DAG losses were 799 killed, 1,500 wounded, 350 of its guerillas captured or surrendered and 400 had frostbite, while Greek National Army losses were 44 killed, 220 wounded and 35 soldiers missing in action. Some 750–850 dead and many wounded DAG guerillas were buried in a pit with bulldozers in a south-eastern location of Florina, close to St. George Church. Nearby, fallen government troops from the battle were buried in separate graves in a military cemetery.

==Aftermath==
The battle of Florina was the last attempt by DAG to capture a large defended urban centre. Zachariades blamed the defeat on incompetent DAG leadership and guidance, poor command and communications, failures of tactics and warfare by guerillas at the battle. Unlike Vafiades, historians of the civil war consider Zachariades an incompetent commander. For DAG, the battle marked the start of exile of many guerillas to nearby communist states and persecution in Greece of the remaining political left.

Factors contributing to victory by the Greek army were good defensive planning, trained soldiers, adherence to the command structure, high morale, the gathering of reliable intelligence and air power. The result of the battle gave the Greek army the upper hand toward DAG, a position held throughout the remaining months of the civil war resulting in eventual total victory. The outcome of the battle and civil war was viewed in Greece as having preserved the northern sovereign borders of the state. Between 1950 and 1981, February 12 was an annual holiday in Florina commemorating the victory with a town festival, military parade, and a religious procession toward the military graveyard with patriotic speeches given by local elites at the site.

Among locals, the burial site of DAG fighters was known, even in the 1990s, and not openly discussed due to concerns over being labelled unpatriotic, while memories of the battle remained in the 2010s. In the early 1990s, the local Rainbow Party unsuccessfully attempted to buy the site to build a monument, as it considered most of the buried fighters to be Macedonians. Commemorative ceremonies at the site on the battle anniversary date were held by the Greek Communist Party (KKE) in the late 1990s and 2000s.

The mass grave has not been exhumed. Two attempts by the KKE in the mid-2000s to erect a memorial to communist fighters were vandalised and destroyed by unidentified individuals.

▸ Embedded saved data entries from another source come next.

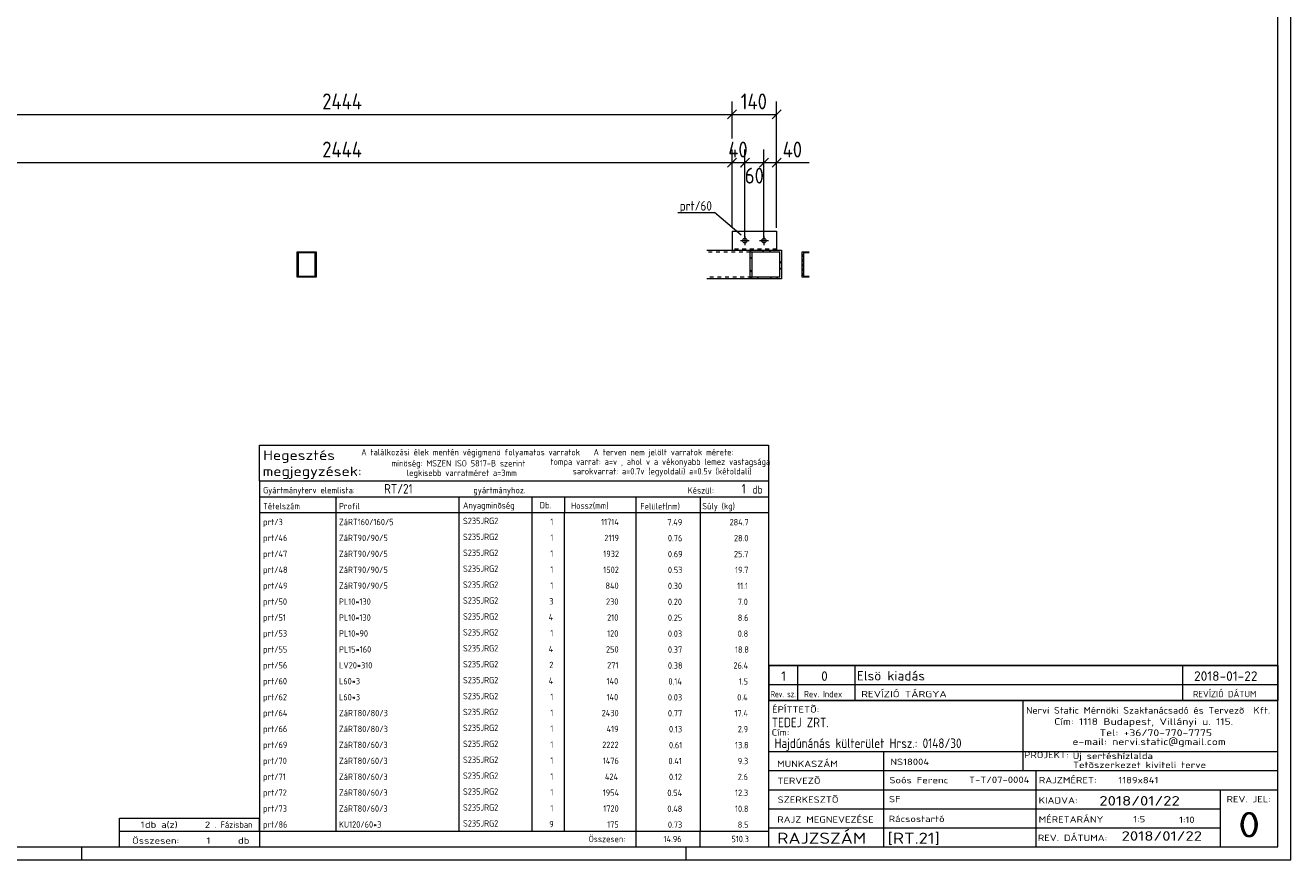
# Model space of a CAD drawing. Header units: millimetres. Extents: x 1 to 1188, y 1 to 840.
# Tile 5 of 7: x 790 to 1188, y 1 to 263. Entities that reach past the tile are written whole.
import ezdxf

# ---------------------------------------------------------------- set-up
doc = ezdxf.new("R2010")
doc.units = ezdxf.units.MM
doc.header["$LTSCALE"] = 0.6
doc.linetypes.add('XKITLINE00', pattern=[0])
doc.linetypes.add('XKITLINE02', pattern=[4, 2, -2])
for name, color, linetype, lineweight in [('Bolt', 7, 'Continuous', 0), ('DrawingSheet', 5, 'Continuous', 0), ('OtherObjectType', 1, 'Continuous', 0), ('Part', 2, 'Continuous', 0), ('PartMark', 3, 'Continuous', 0), ('Z-DIMENSIONS', 1, 'Continuous', 0)]:
    doc.layers.add(name, color=color, linetype=linetype, lineweight=lineweight)
doc.styles.add('ISOCPEUR', font='ISOCPEUR.TTF')

msp = doc.modelspace()

# ---------------------------------------------------------------- linework, layer by layer
at = {"layer": 'Bolt', "color": 3, "linetype": 'XKITLINE00', "lineweight": 0}
for p, q in [((1015.02, 195.54), (1017.82, 195.54)), ((1016.42, 196.94), (1016.42, 194.14)), ((1021.02, 195.54), (1023.82, 195.54)), ((1022.42, 196.94), (1022.42, 194.14))]:
    msp.add_line(p, q, dxfattribs=at)
for centre in [(1016.42, 195.54), (1022.42, 195.54)]:
    msp.add_circle(centre, 0.7, dxfattribs=at)
at = {"layer": 'DrawingSheet', "color": 2, "linetype": 'XKITLINE00', "lineweight": 0}
for p, q in [((1188, 1), (1188, 840)), ((808, 1), (808, 5)), ((998, 1), (998, 5)), ((1, 1), (1188, 1))]:
    msp.add_line(p, q, dxfattribs=at)
at = {"layer": 'DrawingSheet', "color": 3, "linetype": 'XKITLINE00', "lineweight": 0}
for p, q in [((1184, 5), (1184, 836)), ((5, 5), (1184, 5))]:
    msp.add_line(p, q, dxfattribs=at)
at = {"layer": 'OtherObjectType', "color": 7, "linetype": 'XKITLINE00', "lineweight": 0}
for p, q in [((863.84, 120.06), (863.84, 131.31)), ((863.84, 131.31), (1023.84, 131.31)), ((1023.84, 131.31), (1023.84, 120.06)), ((863.84, 120.06), (1023.84, 120.06)), ((863.84, 120.06), (1023.84, 120.06)), ((863.84, 120.06), (863.84, 115.06)), ((1023.84, 120.06), (1023.84, 115.06)), ((863.84, 115.06), (1023.84, 115.06)), ((863.84, 115.06), (863.84, 110.06)), ((887.84, 115.06), (887.84, 110.06)), ((926.61, 110.06), (926.61, 115.06)), ((949.5, 115.06), (949.5, 110.06)), ((959.7, 115.06), (959.7, 110.18)), ((982.15, 115.06), (982.15, 110.06)), ((1002.33, 115.06), (1002.33, 110.06)), ((1023.84, 115.06), (1023.84, 110.06)), ((863.84, 110.06), (1023.84, 110.06)), ((863.84, 110.06), (863.84, 105.06)), ((887.84, 110.06), (887.84, 105.06)), ((926.61, 105.06), (926.61, 110.06)), ((949.5, 110.06), (949.5, 105.06)), ((959.67, 110.05), (959.67, 105.05)), ((982.18, 110.06), (982.18, 105.06)), ((1002.33, 110.06), (1002.33, 105.06)), ((1023.84, 110.06), (1023.84, 105.06)), ((863.84, 105.05), (863.84, 100.05)), ((887.84, 105.05), (887.84, 100.05)), ((926.61, 100.05), (926.61, 105.05)), ((949.5, 105.05), (949.5, 100.05)), ((959.67, 105.05), (959.67, 100.05)), ((982.18, 105.05), (982.18, 100.05)), ((1002.33, 105.05), (1002.33, 100.05)), ((1023.84, 105.05), (1023.84, 100.05)), ((863.84, 100.05), (863.84, 95.05)), ((887.84, 100.05), (887.84, 95.05)), ((926.61, 95.05), (926.61, 100.05)), ((949.5, 100.05), (949.5, 95.05)), ((959.67, 100.05), (959.67, 95.05)), ((982.18, 100.05), (982.18, 95.05)), ((1002.33, 100.05), (1002.33, 95.05)), ((1023.84, 100.05), (1023.84, 95.05)), ((863.84, 95.05), (863.84, 90.05)), ((887.84, 95.05), (887.84, 90.05)), ((926.61, 90.05), (926.61, 95.05)), ((949.5, 95.05), (949.5, 90.05)), ((959.67, 95.05), (959.67, 90.05)), ((982.18, 95.05), (982.18, 90.05)), ((1002.33, 95.05), (1002.33, 90.05)), ((1023.84, 95.05), (1023.84, 90.05)), ((863.84, 90.05), (863.84, 85.05)), ((887.84, 90.05), (887.84, 85.05)), ((926.61, 85.05), (926.61, 90.05)), ((949.5, 90.05), (949.5, 85.05)), ((959.67, 90.04), (959.67, 85.04)), ((982.18, 90.05), (982.18, 85.05)), ((1002.33, 90.05), (1002.33, 85.05)), ((1023.84, 90.05), (1023.84, 85.05)), ((863.84, 85.04), (863.84, 80.04)), ((887.84, 85.04), (887.84, 80.04)), ((926.61, 80.04), (926.61, 85.04)), ((949.5, 85.04), (949.5, 80.04)), ((959.67, 85.04), (959.67, 80.04)), ((982.18, 85.04), (982.18, 80.04)), ((1002.33, 85.04), (1002.33, 80.04)), ((1023.84, 85.04), (1023.84, 80.04)), ((863.84, 80.04), (863.84, 75.04)), ((887.84, 80.04), (887.84, 75.04)), ((926.61, 75.04), (926.61, 80.04)), ((949.5, 80.04), (949.5, 75.04)), ((959.67, 80.04), (959.67, 75.04)), ((982.18, 80.04), (982.18, 75.04)), ((1002.33, 80.04), (1002.33, 75.04)), ((1023.84, 80.04), (1023.84, 75.04)), ((863.84, 75.04), (863.84, 70.04)), ((887.84, 75.04), (887.84, 70.04)), ((926.61, 70.04), (926.61, 75.04)), ((949.5, 75.04), (949.5, 70.04)), ((959.67, 75.03), (959.67, 70.03)), ((982.18, 75.04), (982.18, 70.04)), ((1002.33, 75.04), (1002.33, 70.04)), ((1023.84, 75.04), (1023.84, 70.04)), ((863.84, 70.03), (863.84, 65.03)), ((887.84, 70.03), (887.84, 65.03)), ((926.61, 65.03), (926.61, 70.03)), ((949.5, 70.03), (949.5, 65.03)), ((959.67, 70.03), (959.67, 65.03)), ((982.18, 70.03), (982.18, 65.03)), ((1002.33, 70.03), (1002.33, 65.03)), ((1023.84, 70.03), (1023.84, 65.03)), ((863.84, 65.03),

In 2009 the KKE bought the site and erected a memorial in 2016 encompassing several sculpted individuals on the field commemorating the fighters. The KKE used its internal wartime military archive to identify the DAG fighters and inscribe the monument with their names, with only a few being locals. Slavophone activists of the Rainbow Party said the ethnic wartime aspect such as the Macedonian identity of many fighters was excluded, as their name list of the dead differed from the KKE. The area around St.George Church is the site for commemorations of the battle by Greek communists and nationalists, held on different dates. In the Republic of Macedonia, the battle of Florina was portrayed in the play Lerin – fields of grain, hills of blood in 2016.